Le club des polarophiles québécois

Intrusion (de Elena Sender)

MD (juin 2011)

Note: ce même roman a été commenté par Jacques en septembre 2010. Voir le compte rendu.


En un coup d'oeil


À mon avis

C'est le premier roman d'une jeune femme, diplômé en biologie et journaliste de vulgarisation scientifique. Toujours un peu émouvant de découvrir un auteur. Beaucoup de critiques très positives sur les blogs de la part de lecteurs que j'ai trouvés très complaisants. La meilleure façon d'encourager un auteur qui laisse entrevoir un certain talent me semble plutôt de corriger son tir dès le départ plutôt que de lui flatter la bedaine.

Un certain talent : si le roman avait eu 200 pages de moins, en supposant qu'on eût coupé aux bons endroits, on aurait apprécié un certain sens du suspense, une progression dans l'horreur, un dévoilement bien dosé du non su, ici, en l'occurrence, de l'oublié, et une certaine densité des personnages qu'il aurait fallu, à mon sens, mieux répartir. Qu'on se méfie de tout le monde, et que personne ne soit d'emblée sympathique, ce peut être une énorme qualité, mais je ne suis pas certain que Sender n'ait pas voulu rendre Cyrille Blake attirante (plusieurs lectrices l'ont perçue ainsi), alors qu'elle m'est apparue comme une emmerdeuse de premier ordre, toujours portée à sauver le monde alors qu'elle n'est même pas capable de prendre soin d'elle. Qu'elle est lourde et pénible! « La reine des connes! » (p.478), dit-elle d'elle-même dans un éclair de lucidité. Mais ce n'est pas le principal problème, même si c'est vrai que le lecteur aime bien s'identifier à quelqu'un d'un peu héroïque.

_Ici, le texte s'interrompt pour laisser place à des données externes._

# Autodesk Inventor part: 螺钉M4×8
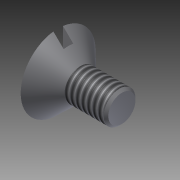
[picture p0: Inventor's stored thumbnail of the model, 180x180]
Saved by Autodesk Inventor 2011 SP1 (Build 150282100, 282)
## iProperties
Created: 2013-12
Part Number: 螺钉M4×8
Document SubType Name: Modeling
Designer: Administrator
Density: 1 g/cm^3
Author: Administrator
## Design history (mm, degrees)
sketch "草图1"
  geometry: L1 (0, 0)-(2.8, 0); L2 (2.8, 0)-(2.8, 2); L3 (0, 0)-(0, 4.7); L4 (0, 4.7)-(2.8, 2); L5 (-0.56, 0)-(3.36, 0) reference
  constraints: 8 end point, 1 horizontal, 1 parallel, 1 perpendicular
  dimensions: "d0" = 2.8 distance of L1.start L1.end; "d1" = 2 distance of L1.end L2.end; "d2" = 4.7 distance of L1.start L3.end
revolve "旋转1" sketch "草图1" stored, may be unused: angle "d3" = 90 deg
sketch "草图2"
  geometry: L1 (-4.7, 0.6)-(4.7, 0.6); L2 (4.7, 0.6)-(4.7, -0.6); L3 (4.7, -0.6)-(-4.7, -0.6); L4 (-4.7, -0.6)-(-4.7, 0.6); C1 r 4.7 at (0, 0) reference; 2 further points
  constraints: 8 end point, 2 midpoint, 2 parallel, 1 horizontal, 1 horizontal alignment, 1 perpendicular, 1 vertical alignment
  dimensions: "d4" = 9.4 distance of L1.start L1.end; "d5" = 1.2 distance of L1.end L2.end
extrude "拉伸1" cut sketch "草图2" distance "d6" = 1.3; taper "d7" = 0 deg
sketch "草图3"
  geometry: C1 r 2 at (0, 0) reference
extrude "拉伸2" join sketch "草图3" distance "d8" = 5.2; taper "d9" = 0 deg
feature "螺纹1" dims "d10" = 10, "d11" = 0
chamfer "倒角1" distance "d12" = 0.3; stored, may be unused: second distance "d13" = 2, angle "d14" = 45 deg
node "实体1"
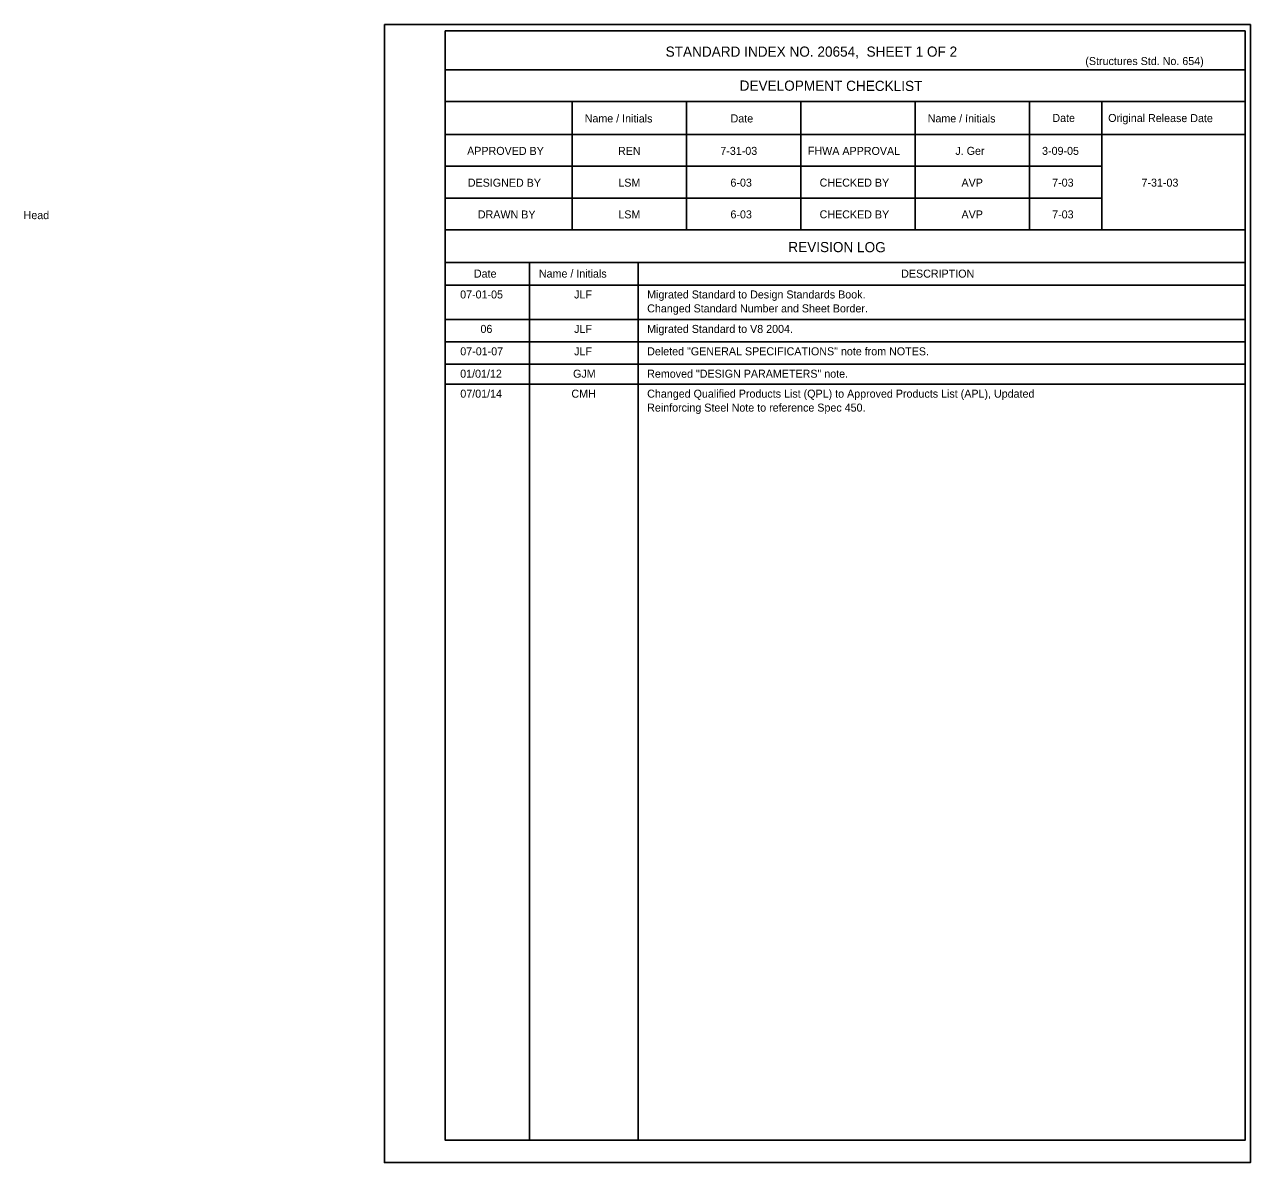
# Model space of a CAD drawing. Extents: x 120519.5 to 120592, y 120568.7 to 120603.1.
# Drawn here: x 120561.13 to 120592.01, y 120568.69 to 120597.36 of the extents above; entities that cross this region are included whole.
import ezdxf

# ---------------------------------------------------------------- set-up
doc = ezdxf.new("R2010")
doc.units = 0
for name, color, linetype in [('Border', 7, 'Continuous'), ('Dimension', 7, 'Continuous'), ('PlotBorder_dp', 7, 'Continuous'), ('TextStructures', 7, 'Continuous')]:
    doc.layers.add(name, color=color, linetype=linetype)

msp = doc.modelspace()

# ---------------------------------------------------------------- linework, layer by layer
at = {"layer": 'Border'}
for p, q in [((120591.874, 120596.217), (120571.727, 120596.217)), ((120591.874, 120595.417), (120571.727, 120595.417)), ((120574.927, 120595.417), (120574.927, 120592.189)), ((120577.807, 120595.417), (120577.807, 120592.189)), ((120580.687, 120595.417), (120580.687, 120592.189)), ((120583.567, 120595.417), (120583.567, 120592.189)), ((120586.447, 120595.417), (120586.447, 120592.189)), ((120588.262, 120595.417), (120588.262, 120592.189)), ((120591.874, 120594.589), (120571.727, 120594.589)), ((120588.262, 120593.789), (120571.727, 120593.789)), ((120588.262, 120592.989), (120571.727, 120592.989)), ((120591.874, 120592.189), (120571.727, 120592.189)), ((120591.874, 120591.361), (120571.727, 120591.361)), ((120573.848, 120591.361), (120573.848, 120569.255)), ((120576.59, 120591.361), (120576.59, 120569.255)), ((120591.874, 120590.797), (120571.727, 120590.797))]:
    msp.add_line(p, q, dxfattribs=at)
msp.add_lwpolyline([(120571.728, 120597.197), (120591.874, 120597.197), (120591.874, 120569.255), (120571.728, 120569.255)], close=True, dxfattribs=at)
at = {"layer": 'Dimension'}
for p, q in [((120571.728, 120589.929), (120591.874, 120589.929)), ((120571.728, 120589.365), (120591.874, 120589.365)), ((120571.728, 120588.801), (120591.874, 120588.801)), ((120571.728, 120588.298), (120591.874, 120588.298))]:
    msp.add_line(p, q, dxfattribs=at)
at = {"layer": 'PlotBorder_dp'}
msp.add_line((120570.197, 120568.693), (120570.197, 120568.693), dxfattribs=at)
msp.add_lwpolyline([(120570.197, 120597.36), (120592.01, 120597.36), (120592.01, 120568.693), (120570.197, 120568.693)], close=True, dxfattribs=at)

# ---------------------------------------------------------------- texts
at = {"layer": 'TextStructures'}
for s, height, p in [('STANDARD INDEX NO. 20654,  SHEET 1 OF 2', 0.256, (120577.279, 120596.549)), ('(Structures Std. No. 654)', 0.2016, (120587.851, 120596.339)), ('REN', 0.2016, (120576.079, 120594.076)), ('7-31-03', 0.2016, (120578.657, 120594.076)), ('J. Ger', 0.2016, (120584.577, 120594.076)), ('3-09-05', 0.2016, (120586.761, 120594.076)), ('LSM', 0.2016, (120576.088, 120593.276)), ('6-03', 0.2016, (120578.912, 120593.276)), ('AVP', 0.2016, (120584.731, 120593.276)), ('7-03', 0.2016, (120587.015, 120593.276)), ('7-31-03', 0.2016, (120589.265, 120593.276)), ('Head', 0.2016, (120561.108, 120592.457)), ('LSM', 0.2016, (120576.088, 120592.476)), ('6-03', 0.2016, (120578.912, 120592.476)), ('AVP', 0.2016, (120584.731, 120592.476)), ('7-03', 0.2016, (120587.015, 120592.476)), ('DESCRIPTION', 0.2016, (120583.211, 120590.984)), ('07-01-05', 0.2016, (120572.103, 120590.459)), ('JLF', 0.2016, (120574.974, 120590.459)), ('Migrated Standard to Design Standards Book.', 0.2016, (120576.814, 120590.459)), ('Changed Standard Number and Sheet Border.', 0.2016, (120576.814, 120590.108)), ('06', 0.2016, (120572.615, 120589.591)), ('JLF', 0.2016, (120574.974, 120589.591)), ('Migrated Standard to V8 2004.', 0.2016, (120576.814, 120589.591)), ('07-01-07', 0.2016, (120572.107, 120589.027)), ('JLF', 0.2016, (120574.974, 120589.027)), ('Deleted "GENERAL SPECIFICATIONS" note from NOTES.', 0.2016, (120576.814, 120589.027)), ('01/01/12', 0.2016, (120572.104, 120588.463)), ('GJM', 0.2016, (120574.947, 120588.463)), ('Removed "DESIGN PARAMETERS" note.', 0.2016, (120576.814, 120588.463)), ('07/01/14', 0.2016, (120572.108, 120587.96)), ('CMH', 0.2016, (120574.906, 120587.96)), ('Changed Qualified Products List (QPL) to Approved Products List (APL), Updated', 0.2016, (120576.814, 120587.96)), ('Reinforcing Steel Note to reference Spec 450.', 0.2016, (120576.814, 120587.609))]:
    msp.add_text(s, height=height, dxfattribs=at).set_placement(p)
for s, height, p in [('DEVELOPMENT CHECKLIST', 0.256, (120579.143, 120595.694)), ('Name / Initials', 0.2016, (120575.24, 120594.896)), ('Date', 0.2016, (120578.915, 120594.894)), ('Name / Initials', 0.2016, (120583.88, 120594.896)), ('Date', 0.2016, (120587.02, 120594.906)), ('Original Release Date', 0.2016, (120588.426, 120594.906)), ('APPROVED BY', 0.2016, (120572.279, 120594.078)), ('FHWA APPROVAL', 0.2016, (120580.863, 120594.078)), ('DESIGNED BY', 0.2016, (120572.296, 120593.276)), ('CHECKED BY', 0.2016, (120581.157, 120593.278)), ('DRAWN BY', 0.2016, (120572.549, 120592.476)), ('CHECKED BY', 0.2016, (120581.157, 120592.478)), ('REVISION LOG', 0.256, (120580.369, 120591.628)), ('Date', 0.2016, (120572.45, 120590.985)), ('Name / Initials', 0.2016, (120574.086, 120590.987))]:
    msp.add_text(s, height=height, rotation=359.8756, dxfattribs=at).set_placement(p)

doc.saveas('drawing.dxf')

Le principal défaut, à mon humble avis, tient à un souci de l'auteure, pas en soi détestable, et qui se répercute ici de façon doublement négative : le souci de faire vrai et ses effets déplorables : une description méticuleuse des techniques médicales, dont Patricia Cornwell avait assez rapidement saisi les limites; et le reportage sur la Thaïlande où sont transplantés nos héros, je parle de Cyrille et de Julien qui, pour lutter contre la pègre asiatique, doivent se transformer en James Bond et Cat Woman, alors qu'ils ont de la misère à nouer leurs lacets de bottine. A partir de Bangkok, les couleuvres se multiplient : la vérité de la ville se substitue à la vraisemblance des personnages et de l'action. Le suspense, au lieu de s'intensifier, se perd dans l'incongruité et le mélodramatique. Et l'aspect technique des opérations lobotomiques ou de l'application du mésératrol ralentit l'action sans rendre la situation plus horrible ou plus mystérieuse. Somoza, Fawer et Crichton parviennent à intégrer efficacement les éléments scientifico-techniques. Je sais bien que la comparaison est un peu injuste, mais c'est surtout pour suggérer des pistes de lecture.

Bref, il y a là du potentiel. Mais il faut assumer que les règles et les joies d'une œuvre d'imagination sont différentes de celles du reportage ou de la vulgarisation scientifique.